Brown told jurors to consider that family discord as they pondered which penalty to impose. “It had gone on and on and on,” she said.

Davis told jurors it was “ironic” for the defense to talk of sparing Lisa Graham’s life for the benefit of the child she didn’t kill.

He hammered on the cold-blooded premeditation evident in Lisa Graham’s conspiring with Walton to kill her daughter, whom Walton lured to a remote dirt road near Pittsview and shot six times as she squatted beside his pickup truck to relieve herself.

When Walton testified for the prosecution last week, Davis asked him how he felt after gunning down the young woman who so trusted him that she left her cell phone and her Toyota with friends as she rode off with him on July 5, 2007.

“I felt normal,” Walton answered casually.

In court Thursday, Davis told jurors: “This is not a crime of passion. It’s not something that happened on the spur of the moment.” It was carefully orchestrated, he said.

He earlier had told jurors Shea Graham was an “inconvenience” to her mother, and that’s why she was killed.

Testimony showed the daughter was doing drugs, working as a stripper, dropping out of college, spending her parents’ money, and getting into trouble in Columbus, where she was charged with assault in a drive-by shooting. Her parents had put up a $100,000 bond to get her out of the Muscogee County Jail.

Children who get into trouble often turn their lives around as they mature, Davis told the jury. That Shea Graham was misbehaving at age 20 didn’t mean she would not be a different person at age 22, he said: “She’s never going to have that chance.”

Speaking personally, Davis told jurors he thought he knew love when he married, but decided he didn’t really know until the first time he held his newborn son.

That a parent would do what Lisa Graham did to her own child is unconscionable, he said: “It is beyond comprehension that this woman did what she did. This case calls for the maximum penalty.”
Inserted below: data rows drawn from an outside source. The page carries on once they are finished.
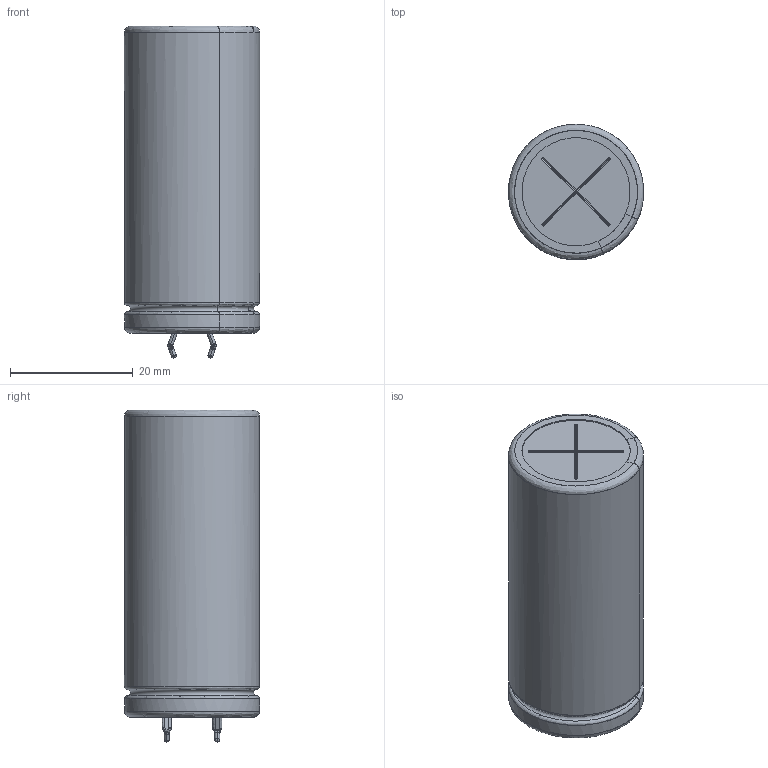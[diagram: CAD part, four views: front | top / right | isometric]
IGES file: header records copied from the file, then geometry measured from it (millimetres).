
Start section: JAMA-IS VERSION  1.0
Bounding box: 21.98 x 21.98 x 54.02 mm (x, y, z)
Surface area: 11748 mm2 (no closed solid volume)
Topology: 0 solids, 0 shells, 208 faces, 2178 edges, 2142 vertices
Faces by surface type: bspline 208
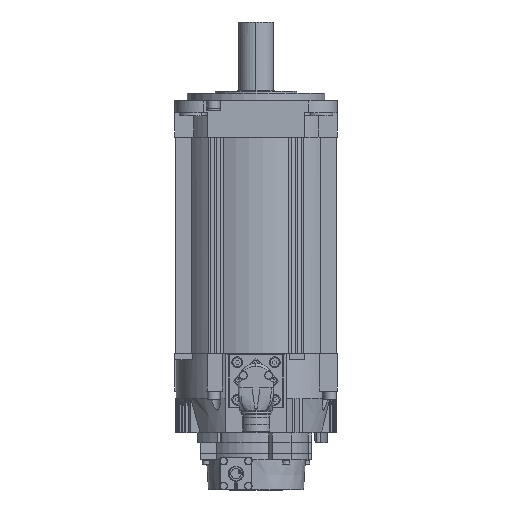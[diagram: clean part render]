
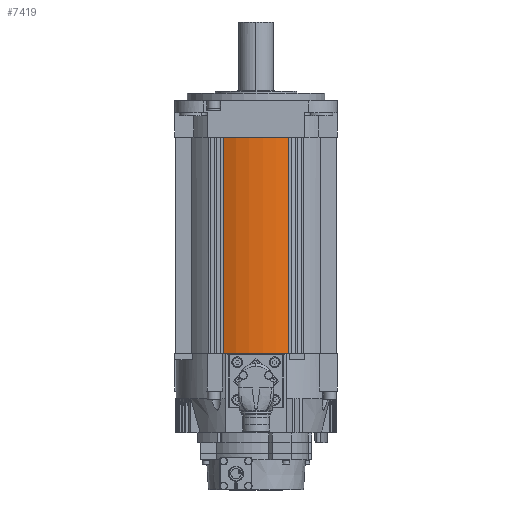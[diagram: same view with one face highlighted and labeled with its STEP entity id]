
A CAD part, front view. The second image highlights one B-rep face of the part: STEP entity #7419.
In plain terms, the highlighted cylindrical face has radius 64.3 mm (diameter 128.6 mm), a partial arc.
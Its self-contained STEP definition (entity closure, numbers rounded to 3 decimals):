
#7110 = VERTEX_POINT ( 'NONE', #19220 ) ;
#7112 = EDGE_CURVE ( 'NONE', #7110, #7113, #19219, .T. ) ;
#7113 = VERTEX_POINT ( 'NONE', #19214 ) ;
#7397 = ORIENTED_EDGE ( 'NONE', *, *, #7398, .F. ) ;
#7398 = EDGE_CURVE ( 'NONE', #7425, #7110, #20130, .T. ) ;
#7399 = ORIENTED_EDGE ( 'NONE', *, *, #7400, .F. ) ;
#7400 = EDGE_CURVE ( 'NONE', #7423, #7425, #20125, .T. ) ;
#7419 = ADVANCED_FACE ( 'NONE', ( #20187 ), #20171, .T. ) ;
#7420 = EDGE_LOOP ( 'NONE', ( #7421, #7424, #7397, #7399 ) ) ;
#7421 = ORIENTED_EDGE ( 'NONE', *, *, #7422, .F. ) ;
#7422 = EDGE_CURVE ( 'NONE', #7113, #7423, #20223, .T. ) ;
#7423 = VERTEX_POINT ( 'NONE', #20219 ) ;
#7424 = ORIENTED_EDGE ( 'NONE', *, *, #7112, .F. ) ;
#7425 = VERTEX_POINT ( 'NONE', #20218 ) ;
#19214 = CARTESIAN_POINT ( 'NONE',  ( -26.3, -58.675, -202. ) ) ;
#19215 = DIRECTION ( 'NONE',  ( 1., 0., 0. ) ) ;
#19216 = DIRECTION ( 'NONE',  ( 0., 0., -1. ) ) ;
#19217 = CARTESIAN_POINT ( 'NONE',  ( 0., 0., -202. ) ) ;
#19218 = AXIS2_PLACEMENT_3D ( 'NONE', #19217, #19216, #19215 ) ;
#19219 = CIRCLE ( 'NONE', #19218, 64.3 ) ;
#19220 = CARTESIAN_POINT ( 'NONE',  ( 26.3, -58.675, -202. ) ) ;
#20121 = DIRECTION ( 'NONE',  ( 1., 0., 0. ) ) ;
#20122 = DIRECTION ( 'NONE',  ( 0., 0., 1. ) ) ;
#20123 = CARTESIAN_POINT ( 'NONE',  ( 0., 0., -29. ) ) ;
#20124 = AXIS2_PLACEMENT_3D ( 'NONE', #20123, #20122, #20121 ) ;
#20125 = CIRCLE ( 'NONE', #20124, 64.3 ) ;
#20127 = DIRECTION ( 'NONE',  ( 0., 0., -1. ) ) ;
#20128 = VECTOR ( 'NONE', #20127, 1000. ) ;
#20129 = CARTESIAN_POINT ( 'NONE',  ( 26.3, -58.675, -383.868 ) ) ;
#20130 = LINE ( 'NONE', #20129, #20128 ) ;
#20168 = DIRECTION ( 'NONE',  ( 1., 0., 0. ) ) ;
#20169 = DIRECTION ( 'NONE',  ( 0., 0., 1. ) ) ;
#20170 = AXIS2_PLACEMENT_3D ( 'NONE', #20172, #20169, #20168 ) ;
#20171 = CYLINDRICAL_SURFACE ( 'NONE', #20170, 64.3 ) ;
#20172 = CARTESIAN_POINT ( 'NONE',  ( 0., 0., -383.868 ) ) ;
#20187 = FACE_OUTER_BOUND ( 'NONE', #7420, .T. ) ;
#20218 = CARTESIAN_POINT ( 'NONE',  ( 26.3, -58.675, -29. ) ) ;
#20219 = CARTESIAN_POINT ( 'NONE',  ( -26.3, -58.675, -29. ) ) ;
#20220 = DIRECTION ( 'NONE',  ( 0., 0., 1. ) ) ;
#20221 = VECTOR ( 'NONE', #20220, 1000. ) ;
#20222 = CARTESIAN_POINT ( 'NONE',  ( -26.3, -58.675, -383.868 ) ) ;
#20223 = LINE ( 'NONE', #20222, #20221 ) ;
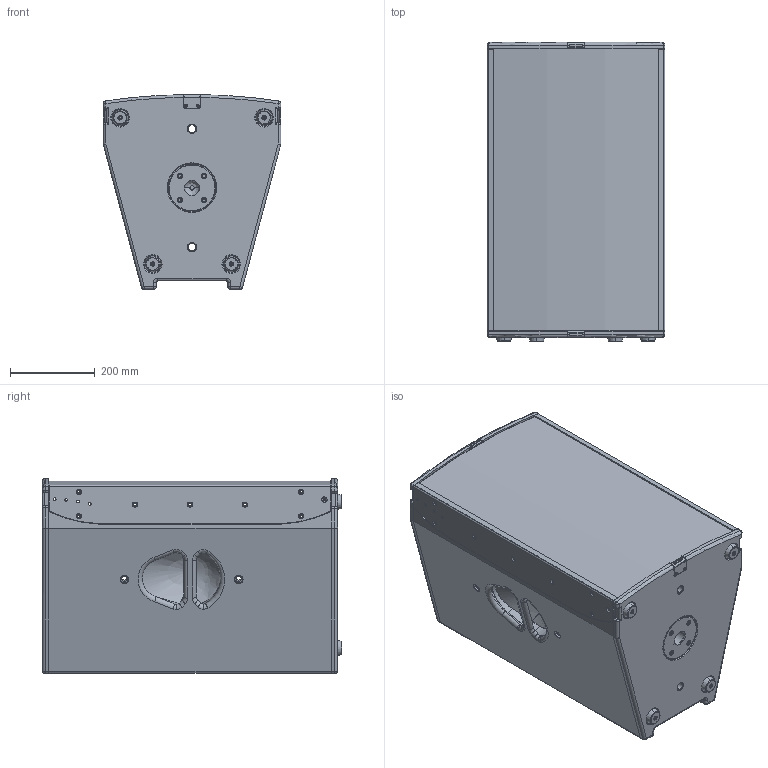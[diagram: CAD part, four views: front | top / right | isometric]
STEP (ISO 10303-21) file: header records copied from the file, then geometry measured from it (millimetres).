
FILE_DESCRIPTION (( 'STEP AP203' ), '1' );
FILE_NAME ('SEEBURG_K24.STEP', '2012-09-26T11:32:26', ( 'Fabian' ), ( '' ), 'SwSTEP 2.0', 'SolidWorks 2009', '' );
FILE_SCHEMA (( 'CONFIG_CONTROL_DESIGN' ));
Length unit declared in the file: millimetre
Products named in the file (19): rechteSeitenwand(v); rechteSeitenwand(h); Gitterleiste(links); SEEBURG_K24; Deckel(K24); Boden(K24); RückwandLeiste(K24); linkeSeitenwand(v); Griffaufdopplung_gedreht; linkeSeitenwand(h); K24_ASF_Internet; Rückwand(K24); 35mm_flanschhülse_110mm; Gitterleiste(rechts); abs_fuss; ABS-Fuﾟ; Befestigungsöse; Griffschale_oval; K24_Gitter_Internet
Assembly tree (24 placements, depth 3):
  SEEBURG_K24
    abs_fuss  x4
      ABS-Fuﾟ
    K24_ASF_Internet
    Gitterleiste(rechts)
    Gitterleiste(links)
    Griffaufdopplung_gedreht
    rechteSeitenwand(h)
    Befestigungsöse  x2
    linkeSeitenwand(v)
    rechteSeitenwand(v)
    linkeSeitenwand(h)
    Rückwand(K24)
    Griffschale_oval  x2
    RückwandLeiste(K24)  x2
    K24_Gitter_Internet
    Boden(K24)
    Deckel(K24)
    35mm_flanschhülse_110mm
Bounding box: 420 x 707.5 x 460.69 mm (x, y, z)
Volume: 15326229.1 mm3; surface area: 3505837.6 mm2
Topology: 23 solids, 23 shells, 875 faces, 2313 edges, 1488 vertices
Faces by surface type: cylinder 354, plane 299, cone 124, torus 62, bspline 28, sphere 8
Entity records: 30749 total; most frequent: CARTESIAN_POINT 10028, DIRECTION 4117, ORIENTED_EDGE 3746, EDGE_CURVE 1873, AXIS2_PLACEMENT_3D 1623, VERTEX_POINT 1209, EDGE_LOOP 898, CIRCLE 896
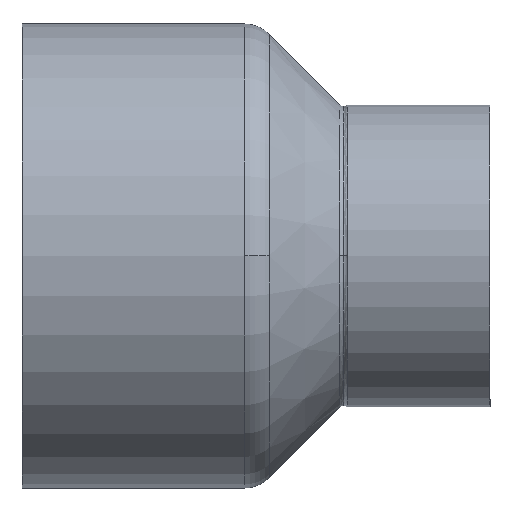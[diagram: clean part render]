
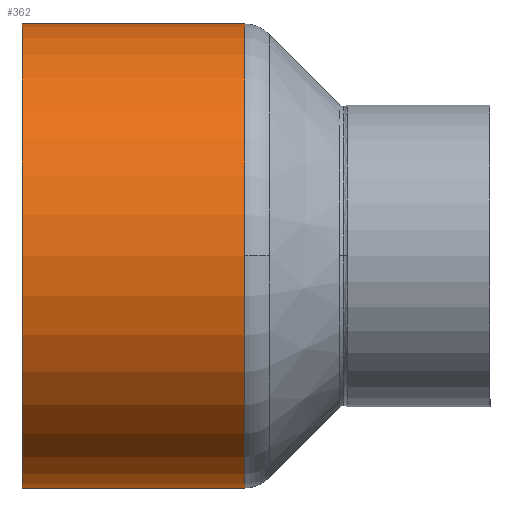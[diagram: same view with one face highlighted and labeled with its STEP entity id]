
A CAD part, top view. The second image highlights one B-rep face of the part: STEP entity #362.
In plain terms, the highlighted cylindrical face has radius 54 mm (diameter 108 mm), a partial arc.
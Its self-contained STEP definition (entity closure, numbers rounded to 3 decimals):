
#312=CARTESIAN_POINT('',(25.915,0.0,0.0));
#313=DIRECTION('',(1.0,0.0,0.0));
#314=DIRECTION('',(0.0,1.0,0.0));
#315=AXIS2_PLACEMENT_3D('',#312,#313,#314);
#316=CYLINDRICAL_SURFACE('',#315,54.0);
#317=CARTESIAN_POINT('',(0.0,54.0,0.0));
#318=VERTEX_POINT('',#317);
#319=CARTESIAN_POINT('',(51.83,54.0,0.0));
#320=VERTEX_POINT('',#319);
#321=CARTESIAN_POINT('',(0.0,54.0,0.0));
#322=DIRECTION('',(1.0,0.0,0.0));
#323=VECTOR('',#322,51.83);
#324=LINE('',#321,#323);
#325=EDGE_CURVE('',#318,#320,#324,.T.);
#326=ORIENTED_EDGE('',*,*,#325,.F.);
#327=CARTESIAN_POINT('',(0.0,-54.0,0.));
#328=VERTEX_POINT('',#327);
#329=CARTESIAN_POINT('',(0.0,0.0,0.0));
#330=DIRECTION('',(1.0,0.0,0.0));
#331=DIRECTION('',(0.0,1.0,0.0));
#332=AXIS2_PLACEMENT_3D('',#329,#330,#331);
#333=CIRCLE('',#332,54.0);
#334=EDGE_CURVE('',#318,#328,#333,.T.);
#335=ORIENTED_EDGE('',*,*,#334,.T.);
#336=CARTESIAN_POINT('',(51.83,-54.0,0.));
#337=VERTEX_POINT('',#336);
#338=CARTESIAN_POINT('',(51.83,-54.0,0.));
#339=DIRECTION('',(-1.0,0.0,0.0));
#340=VECTOR('',#339,51.83);
#341=LINE('',#338,#340);
#342=EDGE_CURVE('',#337,#328,#341,.T.);
#343=ORIENTED_EDGE('',*,*,#342,.F.);
#344=CARTESIAN_POINT('',(51.83,0.,54.0));
#345=VERTEX_POINT('',#344);
#346=CARTESIAN_POINT('',(51.83,0.0,0.0));
#347=DIRECTION('',(1.0,0.0,0.0));
#348=DIRECTION('',(0.0,1.0,0.0));
#349=AXIS2_PLACEMENT_3D('',#346,#347,#348);
#350=CIRCLE('',#349,54.0);
#351=EDGE_CURVE('',#345,#337,#350,.T.);
#352=ORIENTED_EDGE('',*,*,#351,.F.);
#353=CARTESIAN_POINT('',(51.83,0.0,0.0));
#354=DIRECTION('',(1.0,0.0,0.0));
#355=DIRECTION('',(0.0,1.0,0.0));
#356=AXIS2_PLACEMENT_3D('',#353,#354,#355);
#357=CIRCLE('',#356,54.0);
#358=EDGE_CURVE('',#320,#345,#357,.T.);
#359=ORIENTED_EDGE('',*,*,#358,.F.);
#360=EDGE_LOOP('',(#326,#335,#343,#352,#359));
#361=FACE_OUTER_BOUND('',#360,.T.);
#362=ADVANCED_FACE('',(#361),#316,.T.);
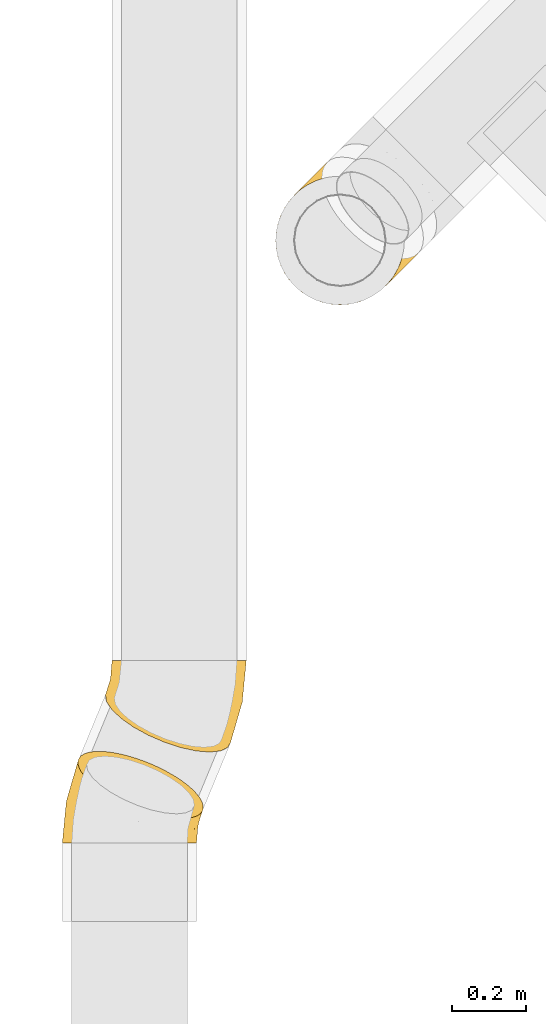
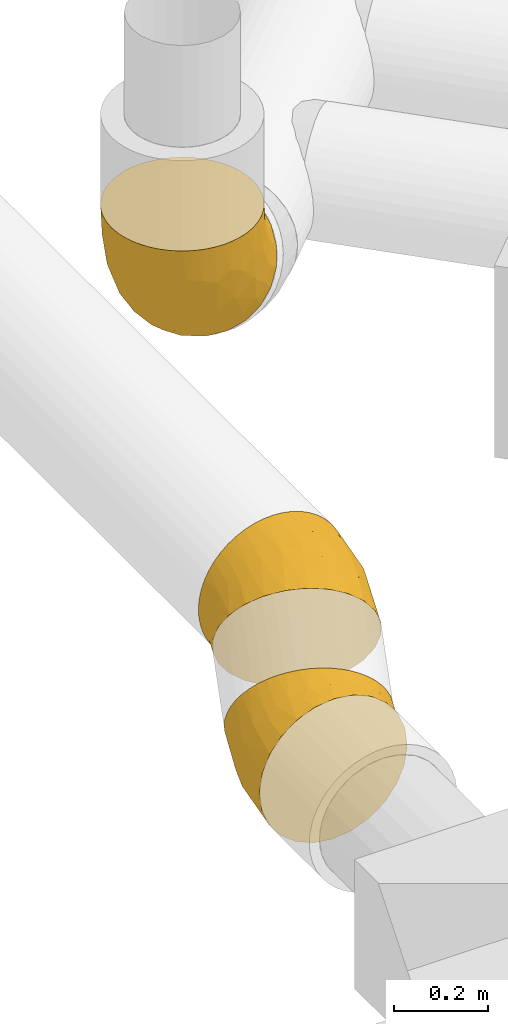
# One storey, part 2 of 12: 3 coverings.
"""IFC2X3 building model written with IfcOpenShell, lengths in millimetres."""

from ifc_helpers import new_model, entity, si_unit, converted_unit, derived_unit, direction, frame, origin_with_axes, place, context, subcontext, project, spatial, open_shell, surface_model, source, transform, mapped, element, save


model = new_model("IFC2X3")

# Units and contexts
model_context = context("Model", 3, precision=0.01, world=frame((0.0, 4.29681676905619e-09, 0.0)), true_north=direction((4.01073788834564e-13, 1.0)))
plan_context = context("Plan", 3, precision=0.01, world=frame((0.0, 4.29681676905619e-09, 0.0)), true_north=direction((4.01073788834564e-13, 1.0)))
body_context = subcontext(model_context, "Body", "Model", "MODEL_VIEW")
ifc_project = project(units=[converted_unit("PLANEANGLEUNIT", "DEGREE", entity("IfcPositiveLengthMeasure", 0.0174532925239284), si_unit("PLANEANGLEUNIT", "RADIAN"), dimensions=[0, 0, 0, 0, 0, 0, 0]), si_unit("AREAUNIT", "SQUARE_METRE"), si_unit("LENGTHUNIT", "METRE", prefix="MILLI"), si_unit("MASSUNIT", "GRAM", prefix="KILO"), si_unit("POWERUNIT", "WATT"), si_unit("PRESSUREUNIT", "PASCAL", prefix="KILO"), si_unit("FORCEUNIT", "NEWTON", prefix="KILO"), si_unit("ELECTRICVOLTAGEUNIT", "VOLT"), si_unit("ELECTRICCURRENTUNIT", "AMPERE"), si_unit("THERMODYNAMICTEMPERATUREUNIT", "DEGREE_CELSIUS"), si_unit("TIMEUNIT", "SECOND"), si_unit("VOLUMEUNIT", "CUBIC_METRE"), derived_unit("LINEARVELOCITYUNIT", [(si_unit("LENGTHUNIT", "METRE"), 1), (si_unit("TIMEUNIT", "SECOND"), -1)]), derived_unit("VOLUMETRICFLOWRATEUNIT", [(si_unit("VOLUMEUNIT", "CUBIC_METRE"), 1), (si_unit("TIMEUNIT", "SECOND"), -1)]), derived_unit("THERMALTRANSMITTANCEUNIT", [(si_unit("POWERUNIT", "WATT"), 1), (si_unit("THERMODYNAMICTEMPERATUREUNIT", "KELVIN"), -1), (si_unit("AREAUNIT", "SQUARE_METRE"), -1)]), derived_unit("SOUNDPRESSUREUNIT", [(si_unit("PRESSUREUNIT", "PASCAL"), 1)])], contexts=[model_context, plan_context])

# Site, building, storey
site_placement = place(None, frame((0.0, -4.29681676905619e-09, 0.0), z_axis=(0.0, 0.0, 1.0), x_axis=(1.0, 0.0, 0.0)))
site = spatial("IfcSite", under=ifc_project, at=site_placement, CompositionType="ELEMENT")
building_placement = place(site_placement, frame((0.0, 4.29681676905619e-09, 0.0), z_axis=(0.0, 0.0, 1.0), x_axis=(1.0, 0.0, 0.0)))
building = spatial("IfcBuilding", under=site, at=building_placement, Name="mc-building", CompositionType="ELEMENT")
storey_placement = place(building_placement, frame((0.0, 0.0, 204000.0), z_axis=(0.0, 0.0, 1.0), x_axis=(1.0, 0.0, 0.0)))
storey = spatial("IfcBuildingStorey", under=building, at=storey_placement, Name="Nivå D", CompositionType="ELEMENT", Elevation=204000.0)

# Coverings
shared_shape_1 = source(origin_with_axes(), body_context, "Body", "SurfaceModel", [
    surface_model("IfcShellBasedSurfaceModel", [(-79.38566, 212.5, 0.0), (-67.84798, 205.83871, 66.9732), (-59.07909, 200.77599, 87.50425), (130.15954, 91.51902, -161.68208), (32.94131, 147.64799, -169.0363), (-78.08893, 211.75134, 22.84352), (-74.22096, 209.51815, 45.29598), (-48.06439, 194.41666, 106.53786), (-34.99237, 186.86952, 123.74833), (-3.60259, 168.74662, 151.55835), (14.17803, 158.48097, 161.68208), (32.95086, 147.64248, 169.03926), (164.42432, 71.73625, -138.84124), (-20.08674, 178.26376, 138.84124), (203.42216, 49.22083, 87.49324), (-67.85201, 205.84105, -66.96196), (-48.07126, 194.42062, -106.52751), (-74.22351, 209.51962, -45.28496), (-59.08459, 200.77917, -87.49324), (-35.00042, 186.87417, -123.73904), (-3.61212, 168.75213, -151.55199), (-78.09011, 211.75201, -22.83318), (14.16829, 158.4866, -161.67743), (-20.0957, 178.26893, -138.8333), (72.16878, 125.0, -175.0), (52.38572, 136.42176, -173.50265), (111.38671, 102.35751, -169.03926), (52.39467, 136.41659, 173.50402), (72.16878, 125.0, 175.0), (91.95185, 113.57824, 173.50265), (111.39625, 102.35201, 169.0363), (147.94969, 81.24788, 151.55199), (130.16928, 91.5134, 161.67743), (179.33798, 63.12583, 123.73904), (164.43328, 71.73107, 138.8333), (192.40882, 55.57938, 106.52751), (203.41665, 49.224, -87.50425), (218.56108, 40.48037, 45.28496), (223.72323, 37.5, 0.0), (212.18957, 44.15896, 66.96196), (222.42768, 38.24799, 22.83318), (179.32993, 63.13048, -123.74833), (192.40196, 55.58335, -106.53786), (147.94015, 81.25338, -151.55835), (91.9429, 113.58341, -173.50402), (222.4265, 38.24867, -22.84352), (212.18554, 44.16129, -66.9732), (218.55852, 40.48184, -45.29598), (-144.33757, 87.5, -151.55445), (-144.33757, 175.0, 0.0), (-144.33757, 169.03701, -45.29333), (-144.33757, 151.55445, -87.5), (-144.33757, 45.29333, -169.03701), (-144.33757, 123.74369, -123.74369), (-144.33757, 169.03701, 45.29333), (-144.33757, 151.55445, 87.5), (-144.33757, -151.55445, -87.5), (-144.33757, 123.74369, 123.74369), (-144.33757, 45.29333, 169.03701), (-144.33757, 87.5, 151.55445), (-144.33757, 0.0, 175.0), (-144.33757, -45.29333, 169.03701), (-144.33757, 0.0, -175.0), (-144.33757, -45.29333, -169.03701), (-144.33757, -87.5, -151.55445), (-144.33757, -123.74369, -123.74369), (-144.33757, -169.03701, -45.29333), (-144.33757, -123.74369, 123.74369), (-144.33757, -87.5, 151.55445), (-144.33757, -169.03701, 45.29333), (-144.33757, -151.55445, 87.5), (-144.33757, -175.0, 0.0), (40.06302, -132.91177, 0.0), (6.68277, -139.21132, 50.73684), (-19.06662, -156.11845, 0.0), (-80.9946, -170.25311, 0.0), (2.60875, 47.74575, 175.0), (52.32182, 30.97999, 169.28574), (41.44864, 82.71735, 175.0), (95.07346, -101.15147, 0.0), (84.04531, -102.78749, 40.4577), (66.5161, -91.62378, 87.67211), (144.73584, -61.54705, 0.0), (-73.25033, -156.63146, 64.20023), (49.40042, -46.86711, 140.37966), (-31.52467, -95.77202, 133.02259), (40.21212, -80.86093, 118.41707), (-51.97833, -161.92204, 31.45844), (144.58452, -24.3132, 92.74705), (102.60106, -28.30655, 125.39878), (-57.89273, -132.37083, 102.25041), (-45.31639, -24.30523, 169.97609), (-42.65341, 21.61364, 175.0), (-92.35964, 5.4631, 175.0), (-63.24981, -67.5687, 156.7761), (92.02657, 12.84579, 153.06577), (18.52422, -32.08489, 157.76862), (148.21683, -47.17155, 52.26849), (187.94082, -14.98317, 0.0), (-89.71961, 200.18449, 0.0), (-90.88522, 194.31459, 27.58769), (-82.73672, 60.41205, 167.50829), (-16.25294, 104.61857, 165.7155), (-35.85062, 142.42326, 145.51136), (-67.94646, 117.6876, 145.51135), (-1.88156, 79.15042, 172.81756), (-43.21446, 73.97928, 168.57058), (-124.58674, 163.91563, 66.9696), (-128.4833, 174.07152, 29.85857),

When court ended, Davis told reporters the trial in a death-penalty case is only the first chapter in a long series of appeals, the first to the Alabama Supreme Court.

“Prosecutors are fond of saying that actually this part of this sort of case is more like the beginning than it is like the end, because of the appellate process,” he said.

Sheriff Heath Taylor, who as a lieutenant was a primary investigator in the Graham case, talked about the bizarre circumstances.

Of he and Davis, Taylor said: “Neither of us had seen a biological mother hire or pay someone to kill their daughter, their daughter or son. At some point in the last eight years, we tried to research how many times around the country that had occurred, and we were not able to come up with very many if any cases.”

Homicides involving “heat of the moment” family violence are not uncommon, he said, but that was not the case here: “This was a premeditated, longtime, thought-out situation, so I think that’s what’s so troubling about it.”

Asked about Walton’s betrayal of his young friend Shea Graham, Taylor said: “Let’s don’t try to sugar-coat Kenny Walton. He is as cold a murderer as you will ever find. If you were in the courtroom when they asked him how he felt right after shooting her, his answer was ‘normal.’ That’s as chilling as you’re ever going to get.”

Walton pleaded guilty to Shea Graham’s murder on June 14, 2012. He was sentenced to life in prison with possible parole.

According to the Alabama Department of Corrections, Kenneth Rognet Walton currently is being held in the Bibb Correctional Facility in Brent.

Walton today is 43 years old. Lisa Graham is 47.